▶ Exercise description:
Write out an exact copy of the line with "TECHNOLOGY CORPORATION, 2008070','');" and of each line after it, through the end of the records below.

▶ Provided material:
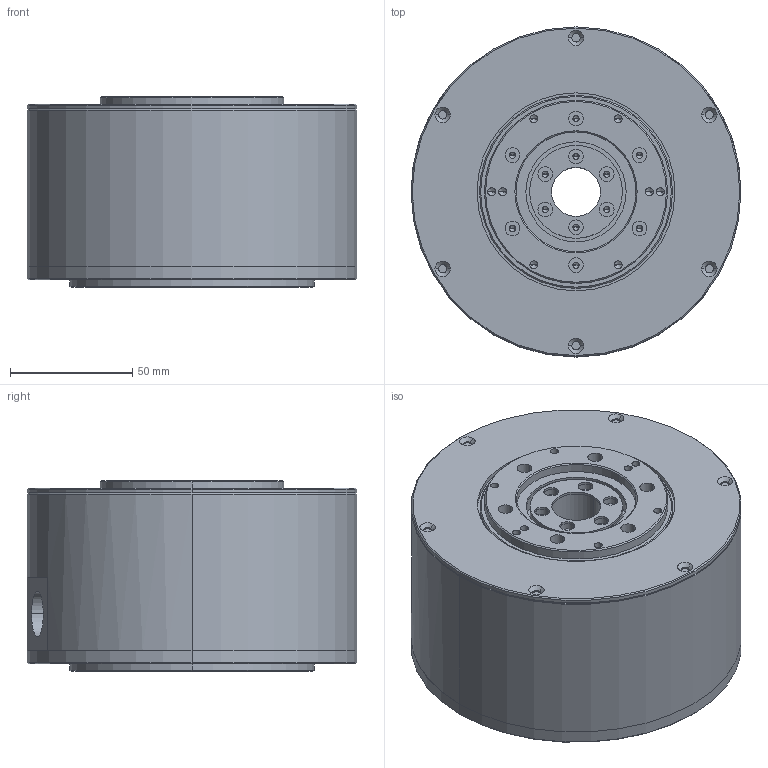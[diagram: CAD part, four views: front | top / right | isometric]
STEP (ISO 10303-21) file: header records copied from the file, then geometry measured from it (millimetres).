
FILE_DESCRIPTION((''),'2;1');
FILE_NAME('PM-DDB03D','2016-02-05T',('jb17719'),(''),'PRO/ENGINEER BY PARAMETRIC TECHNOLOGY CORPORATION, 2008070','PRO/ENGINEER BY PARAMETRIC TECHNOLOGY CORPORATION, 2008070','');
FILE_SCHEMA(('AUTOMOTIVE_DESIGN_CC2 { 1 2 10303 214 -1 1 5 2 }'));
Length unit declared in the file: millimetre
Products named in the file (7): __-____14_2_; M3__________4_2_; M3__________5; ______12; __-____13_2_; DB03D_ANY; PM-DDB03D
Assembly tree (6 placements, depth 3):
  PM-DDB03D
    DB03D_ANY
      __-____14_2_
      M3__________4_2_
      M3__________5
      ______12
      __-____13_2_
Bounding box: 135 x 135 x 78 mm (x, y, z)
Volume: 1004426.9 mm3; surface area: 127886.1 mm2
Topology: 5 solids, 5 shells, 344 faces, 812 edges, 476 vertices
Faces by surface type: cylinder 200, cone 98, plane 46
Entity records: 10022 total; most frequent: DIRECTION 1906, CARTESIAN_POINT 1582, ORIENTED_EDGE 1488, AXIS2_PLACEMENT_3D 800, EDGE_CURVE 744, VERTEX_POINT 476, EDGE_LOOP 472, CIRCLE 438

▶ Expected answer:
FILE_NAME('PM-DDB03D','2016-02-05T',('jb17719'),(''),'PRO/ENGINEER BY PARAMETRIC TECHNOLOGY CORPORATION, 2008070','PRO/ENGINEER BY PARAMETRIC TECHNOLOGY CORPORATION, 2008070','');
FILE_SCHEMA(('AUTOMOTIVE_DESIGN_CC2 { 1 2 10303 214 -1 1 5 2 }'));
Length unit declared in the file: millimetre
Products named in the file (7): __-____14_2_; M3__________4_2_; M3__________5; ______12; __-____13_2_; DB03D_ANY; PM-DDB03D
Assembly tree (6 placements, depth 3):
  PM-DDB03D
    DB03D_ANY
      __-____14_2_
      M3__________4_2_
      M3__________5
      ______12
      __-____13_2_
Bounding box: 135 x 135 x 78 mm (x, y, z)
Volume: 1004426.9 mm3; surface area: 127886.1 mm2
Topology: 5 solids, 5 shells, 344 faces, 812 edges, 476 vertices
Faces by surface type: cylinder 200, cone 98, plane 46
Entity records: 10022 total; most frequent: DIRECTION 1906, CARTESIAN_POINT 1582, ORIENTED_EDGE 1488, AXIS2_PLACEMENT_3D 800, EDGE_CURVE 744, VERTEX_POINT 476, EDGE_LOOP 472, CIRCLE 438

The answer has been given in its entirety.